DATA MINING AND OPTIMIZATION APPLIED TO RAMAN SPECTROSCOPY FOR ONCOLOGY APPLICATIONS

Recent advances in Raman spectroscopy have generated a surge of interest in biomedical applications particularly in the field of oncology. As cancer is predicted to become the number one cause of death by the end of the decade, Raman spectroscopy has the potential to significantly aid in the research, diagnosis and treatment of cancer. Biomedical applications of Raman spectroscopy currently under investigation range from the research laboratory bench-top to the clinical setting at the patients bedside. Raman spectroscopic analysis of biological specimens is advantageous as it provides a spectral fingerprint, rich in molecular compositional information without disrupting the biological environment allowing in-situ biochemical observations to be made. The information dense spectra generate vast sets of complex data in which subtle variations may provide critical clues in data interpretation. Thus the investigation and implementation of advanced data mining and optimization techniques is imperative for complete, rapid and accurate data extraction.

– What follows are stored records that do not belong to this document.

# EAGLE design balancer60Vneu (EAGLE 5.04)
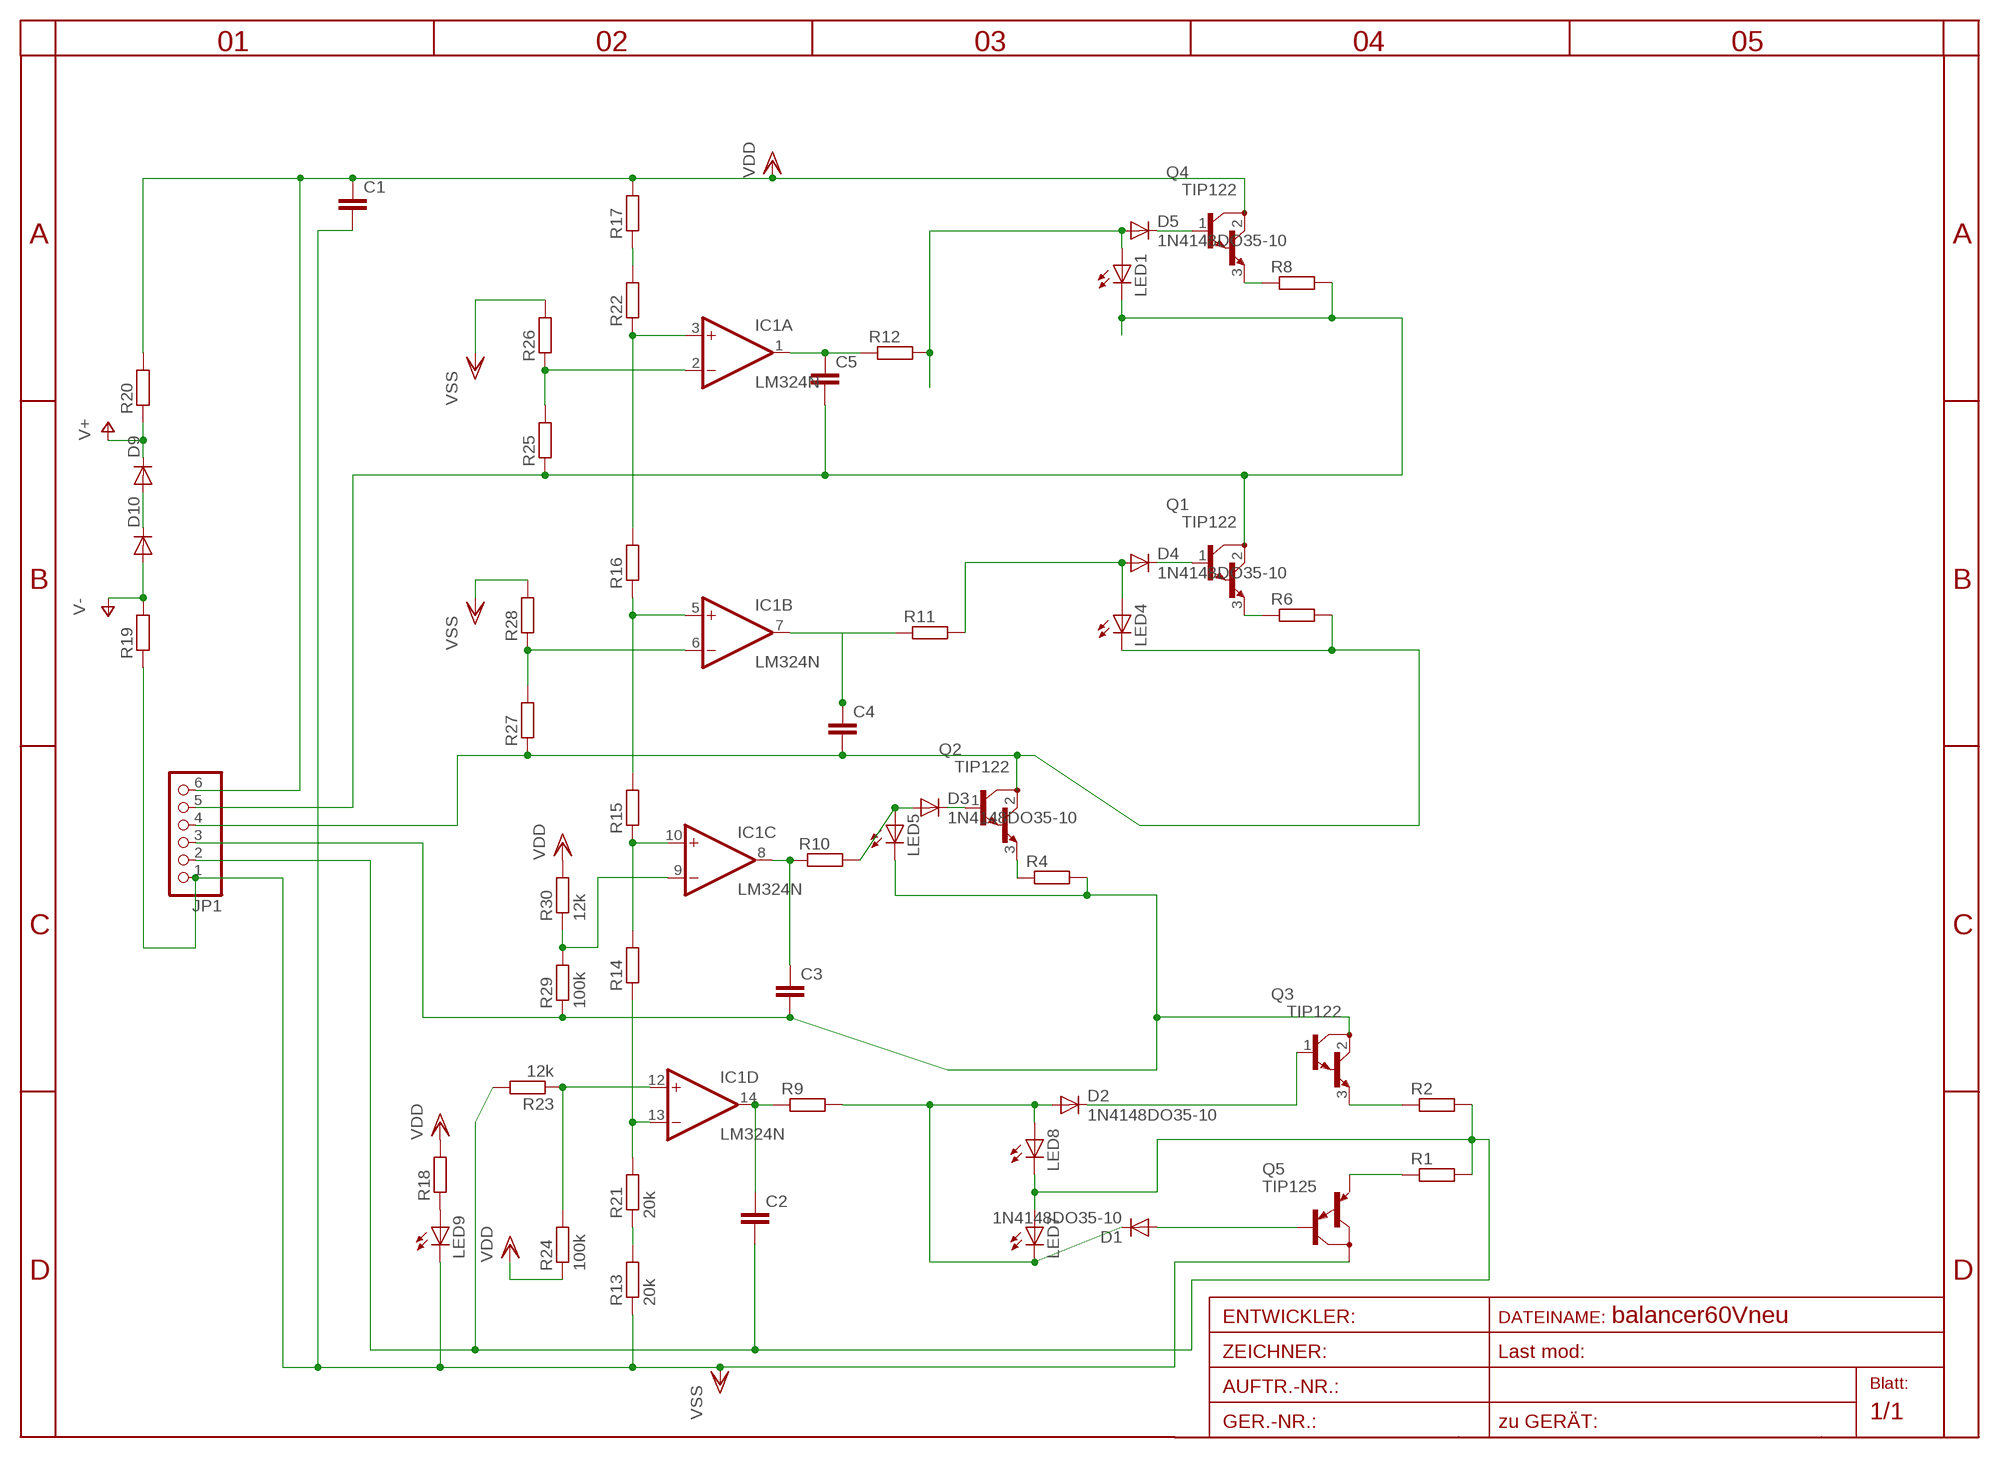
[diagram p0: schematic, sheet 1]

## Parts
C1  C-EU025-024X044  [C025-024X044]
C2  C-EU025-024X044  [C025-024X044]
C3  C-EU025-024X044  [C025-024X044]
C4  C-EU025-024X044  [C025-024X044]
C5  C-EU025-024X044  [C025-024X044]
D1  1N4148DO35-10  [DO35-10]
D2  1N4148DO35-10  [DO35-10]
D3  1N4148DO35-10  [DO35-10]
D4  1N4148DO35-10  [DO35-10]
D5  1N4148DO35-10  [DO35-10]
D9  DIODE-D-10  [D-10]
D10  DIODE-D-10  [D-10]
IC1  LM324N  [DIL14]
JP1  PINHD-1X6  [1X06]
LED1  LED3MM  [LED3MM]
LED4  LED3MM  [LED3MM]
LED5  LED3MM  [LED3MM]
LED7  LED3MM  [LED3MM]
LED8  LED3MM  [LED3MM]
LED9  LED3MM  [LED3MM]
Q1  TIP122  [TO220]
Q2  TIP122  [TO220]
Q3  TIP122  [TO220]
Q4  TIP122  [TO220]
Q5  TIP125  [TO220]
R1  R-EU_0207/10  [0207/10]
R2  R-EU_0207/10  [0207/10]
R4  R-EU_0207/10  [0207/10]
R6  R-EU_0207/10  [0207/10]
R8  R-EU_0207/10  [0207/10]
R9  R-EU_0207/10  [0207/10]
R10  R-EU_0207/10  [0207/10]
R11  R-EU_0204/5  [0204/5]
R12  R-EU_0207/10  [0207/10]
R13  20k  R-EU_0204/5  [0204/5]
R14  R-EU_0204/5  [0204/5]
R15  R-EU_0204/5  [0204/5]
R16  R-EU_0204/5  [0204/5]
R17  R-EU_0204/5  [0204/5]
R18  R-EU_0204/5  [0204/5]
R19  R-EU_0204/5  [0204/5]
R20  R-EU_0204/5  [0204/5]
R21  20k  R-EU_0204/5  [0204/5]
R22  R-EU_0204/5  [0204/5]
R23  12k  R-EU_0204/5  [0204/5]
R24  100k  R-EU_0204/5  [0204/5]
R25  R-EU_0204/5  [0204/5]
R26  R-EU_0204/5  [0204/5]
R27  R-EU_0204/5  [0204/5]
R28  R-EU_0204/5  [0204/5]
R29  100k  R-EU_0204/5  [0204/5]
R30  12k  R-EU_0204/5  [0204/5]

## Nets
N$1: D1.C D2.A LED7.K(C) LED8.A R9.2
N$2: C2.2 JP1.2 LED7.A LED8.K(C) R1.2 R2.2 R23.2
N$3: D3.C Q2.1(B)
N$4: D4.C Q1.1(B)
N$5: D5.C Q4.1(B)
N$6: C3.2 JP1.3 LED5.K(C) Q3.2(C) R4.2 R29.1
N$7: C5.2 JP1.5 LED1.K(C) Q1.2(C) R8.2 R25.1
N$9: D2.C Q3.1(B)
N$10: D3.A LED5.A R10.2
N$11: D4.A LED4.A R11.2
N$12: D5.A LED1.A R12.2
N$13: Q3.3(E) R2.1
N$15: Q1.3(E) R6.1
N$17: Q2.3(E) R4.1
N$18: Q4.3(E) R8.1
N$20: C5.1 IC1.1(A:OUT) R12.1
N$21: C4.1 IC1.7(B:OUT) R11.1
N$23: R17.1 R22.2
N$24: C3.1 IC1.8(C:OUT) R10.1
N$25: C2.1 IC1.14(D:OUT) R9.1
N$26: IC1.10(C:+IN) R14.2 R15.1
N$28: IC1.13(D:-IN) R14.1 R21.2
N$29: R13.2 R21.1
N$32: IC1.3(A:+IN) R16.2 R22.1
N$34: LED9.A R18.1
N$35: D9.A D10.C
N$36: IC1.5(B:+IN) R15.2 R16.1
N$37: IC1.12(D:+IN) R23.1 R24.2
N$38: C4.2 JP1.4 LED4.K(C) Q2.2(C) R6.2 R27.1
N$40: IC1.2(A:-IN) R25.2 R26.1
N$41: IC1.6(B:-IN) R27.2 R28.1
N$42: IC1.9(C:-IN) R29.2 R30.1
N$43: Q5.3(E) R1.1
N$44: D1.A Q5.1(B)
V+: D9.C R20.1
V-: D10.A R19.2
VDD: C1.1 JP1.6 Q4.2(C) R17.2 R18.2 R20.2 R24.1 R30.2
VSS: C1.2 JP1.1 LED9.K(C) Q5.2(C) R13.1 R19.1 R26.2 R28.2

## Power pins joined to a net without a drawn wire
V+: IC1.4(P:V+)
V-: IC1.11(P:V-)

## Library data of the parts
C1-C5 = rcl-2:C-EU: CAPACITOR, European symbol
D1-D5 = diode-1:1N4148: DIODE
D9 D10 = diode-1:DIODE-: DIODE
IC1 = linear:LM324: OP AMP
JP1 = pinhead:PINHD-1X6: PIN HEADER
LED1 LED4 LED5 LED7-LED9 = led:LED: LED
Q1-Q4 = transistor-npn:TIP122*: NPN Darlington Transistor
Q5 = transistor-pnp:TIP125: PNP Transistor
R1 R2 R4 R6 R8-R30 = rcl-2:R-EU_: RESISTOR, European symbol

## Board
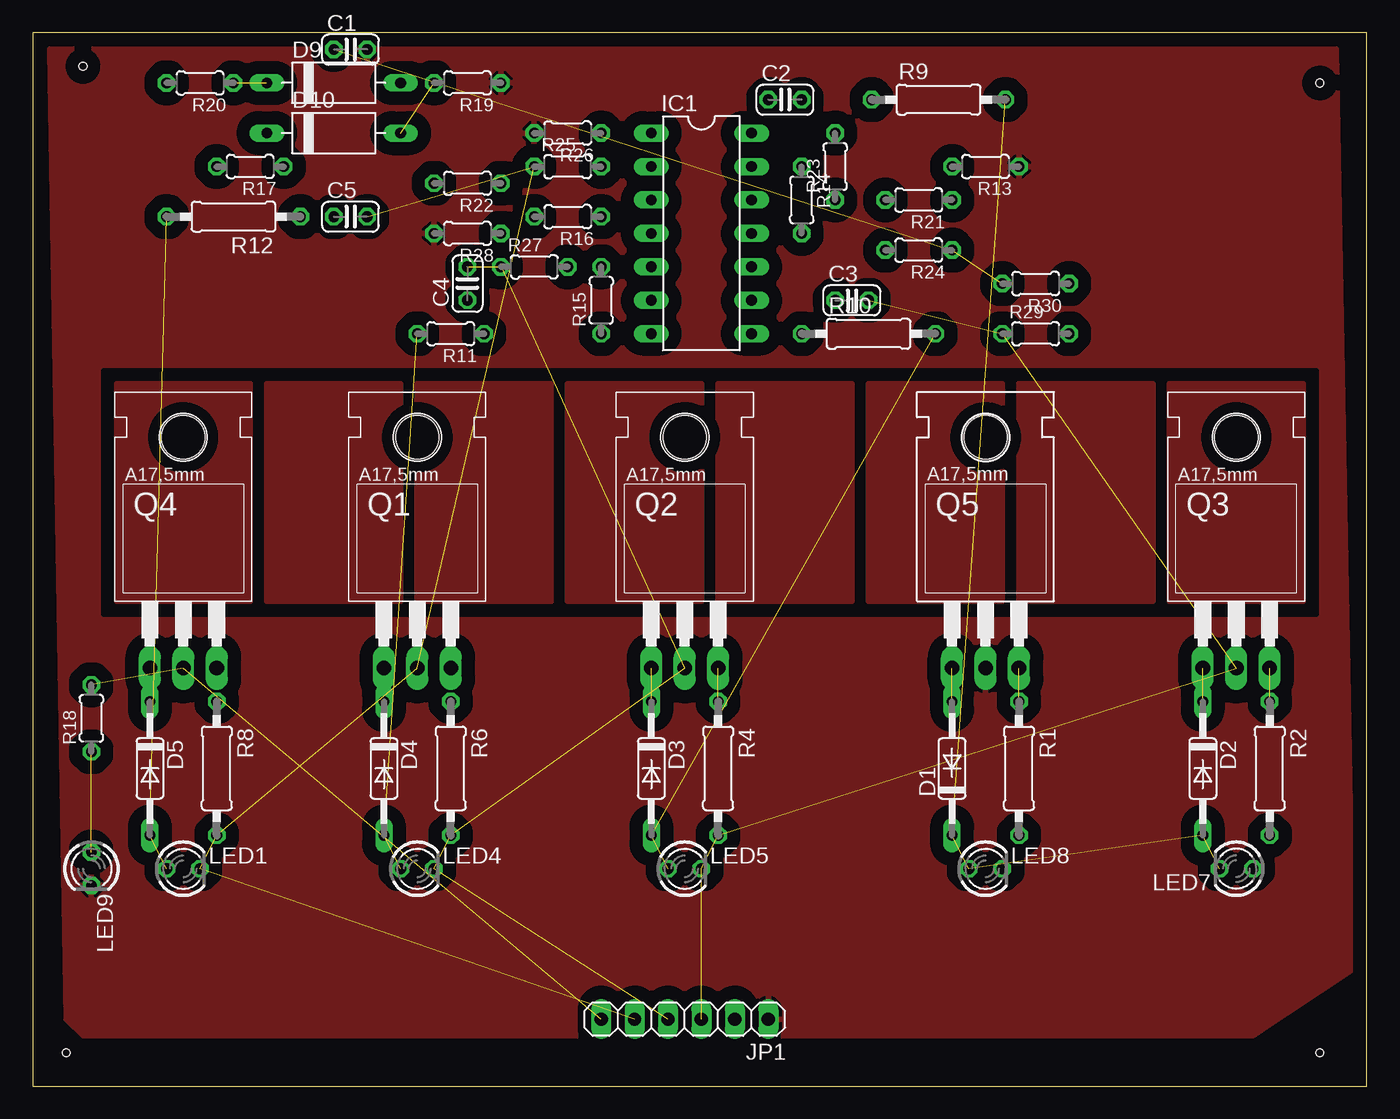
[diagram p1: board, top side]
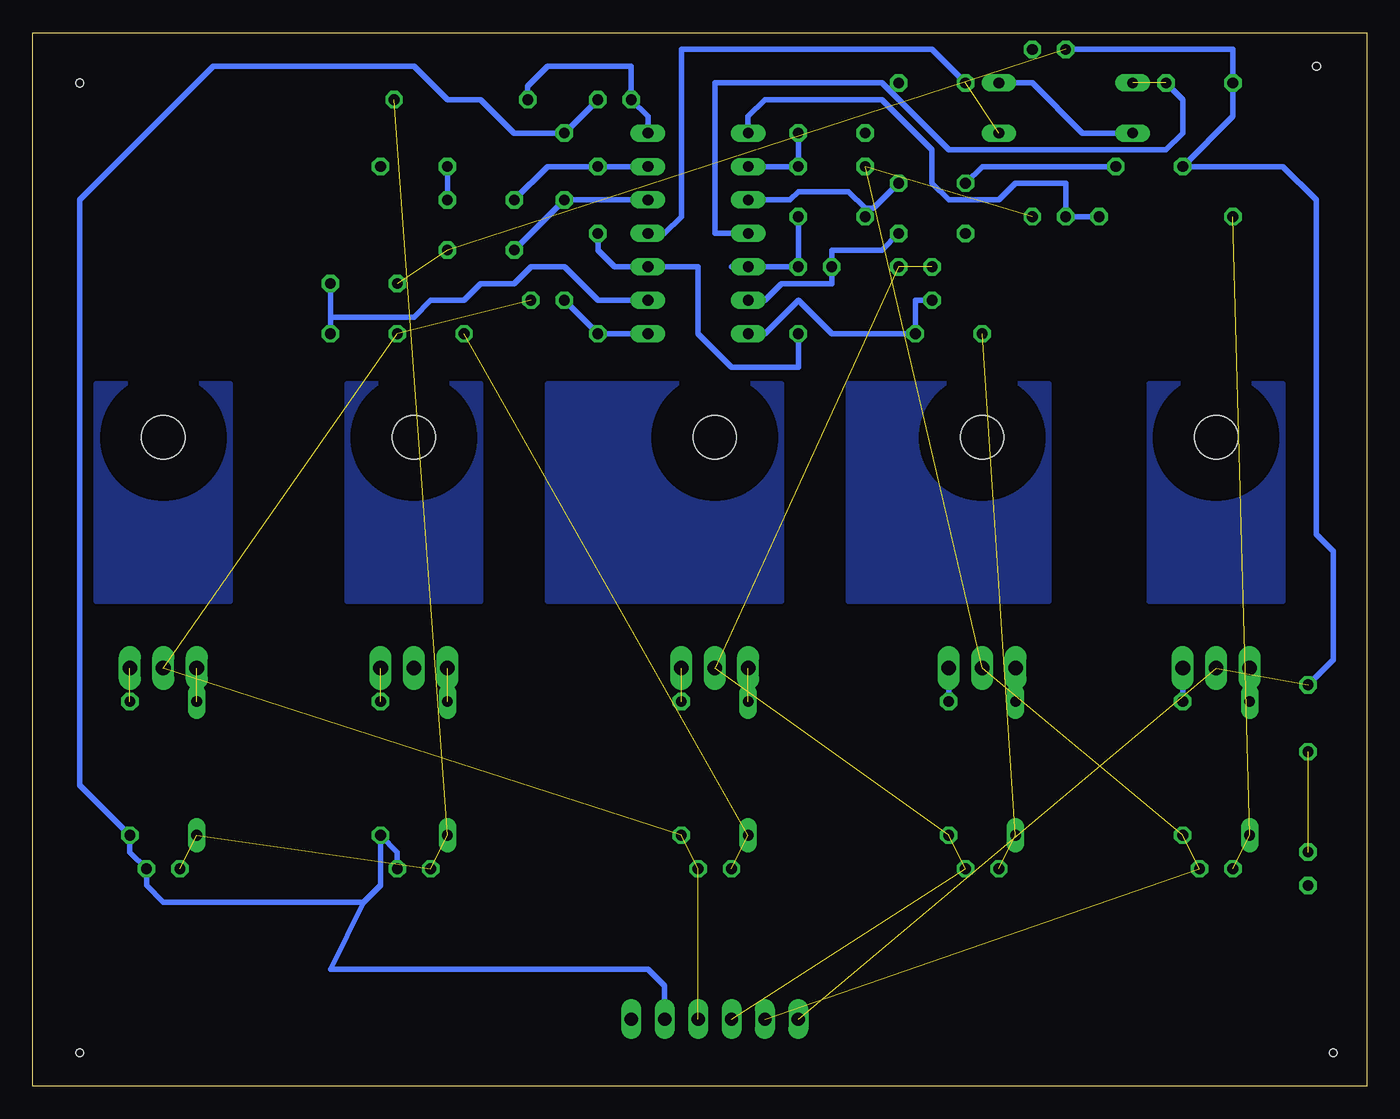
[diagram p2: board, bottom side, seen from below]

Size 101.35 x 80 mm. Coordinates in mm from the lower left corner, seen from the top.
Outline: 0,0 101.35,0 101.35,80 0,80 0,0
Copper layers (1*16): Top 0.035mm / dielectric 1.5mm / Bottom 0.035mm
Design rules "default": minimum track width 10mil, minimum drill 24mil, track to track 8mil, track to pad 8mil, pad to pad 8mil, via to via 8mil, smd to smd 8mil, copper to edge 40mil, drill to drill 8mil, minimum pad ring 10mil, minimum via ring 8mil, stop-mask expansion 4mil, vias tented up to drill 0mil, thermal gap 10mil
Holes 0.6 mm at 2.54,2.54 97.79,2.54 97.79,76.2 3.81,77.47

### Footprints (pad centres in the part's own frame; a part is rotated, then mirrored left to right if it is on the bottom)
C025-024X044 = drill 0.813 octagon: 1 -1.27,0; 2 1.27,0
DO35-10 = drill 0.813 long: A 5.08,0; C -5.08,0
D-10 = drill 0.813 long: A 5.08,0; C -5.08,0
DIL14 = drill 0.813 long: 1 -7.62,-3.81; 2 -5.08,-3.81; 3 -2.54,-3.81; 4 0,-3.81; 5 2.54,-3.81; 6 5.08,-3.81; 7 7.62,-3.81; 8 7.62,3.81; 9 5.08,3.81; 10 2.54,3.81; 11 0,3.81; 12 -2.54,3.81; 13 -5.08,3.81; 14 -7.62,3.81
1X06 = drill 1.016 long: 1 -6.35,0; 2 -3.81,0; 3 -1.27,0; 4 1.27,0; 5 3.81,0; 6 6.35,0
LED3MM = drill 0.813 octagon: A -1.27,0; K 1.27,0
TO220 = drill 1.118 long: 1 -2.54,-6.35; 2 0,-6.35; 3 2.54,-6.35 | hole 3.302: 0,11.176
0207/10 = drill 0.813 octagon: 1 -5.08,0; 2 5.08,0
0204/5 = drill 0.813 octagon: 1 -2.54,0; 2 2.54,0

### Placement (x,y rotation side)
C1  24.13,78.74 0 top
C2  57.15,74.93 0 top
C3  62.23,59.69 0 top
C4  33.02,60.96 90 top
C5  24.13,66.04 0 top
D1  69.85,24.13 90 top
D2  88.9,24.13 270 top
D3  46.99,24.13 270 top
D4  26.67,24.13 270 top
D5  8.89,24.13 270 top
D9  22.86,76.2 0 top
D10  22.86,72.39 0 top
IC1  50.8,64.77 270 top
JP1  49.53,5.08 180 top
LED1  11.43,16.51 0 top
LED4  29.21,16.51 0 top
LED5  49.53,16.51 0 top
LED7  91.44,16.51 180 top
LED8  72.39,16.51 0 top
LED9  4.45,16.51 270 top
Q1  29.21,38.1 0 top
Q2  49.53,38.1 0 top
Q3  91.44,38.1 0 top
Q4  11.43,38.1 0 top
Q5  72.39,38.1 0 top
R1  74.93,24.13 270 top
R2  93.98,24.13 270 top
R4  52.07,24.13 270 top
R6  31.75,24.13 270 top
R8  13.97,24.13 270 top
R9  68.82,74.93 0 top
R10  63.5,57.15 0 top
R11  31.75,57.15 180 top
R12  15.24,66.04 180 top
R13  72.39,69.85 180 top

Clinical applications of Raman spectroscopy are on the horizon as optical technology progresses, but to fulfill this realization of a new class of biomedical instrumentation, the development of an optimized, fully integrated data processing methodology will be required. In this paper, we describe several methods for pre-processing raw Raman Spectra, followed by data mining techniques used for classifying spectra of cancerous cells based on cell type, environments and mechanisms of cell death.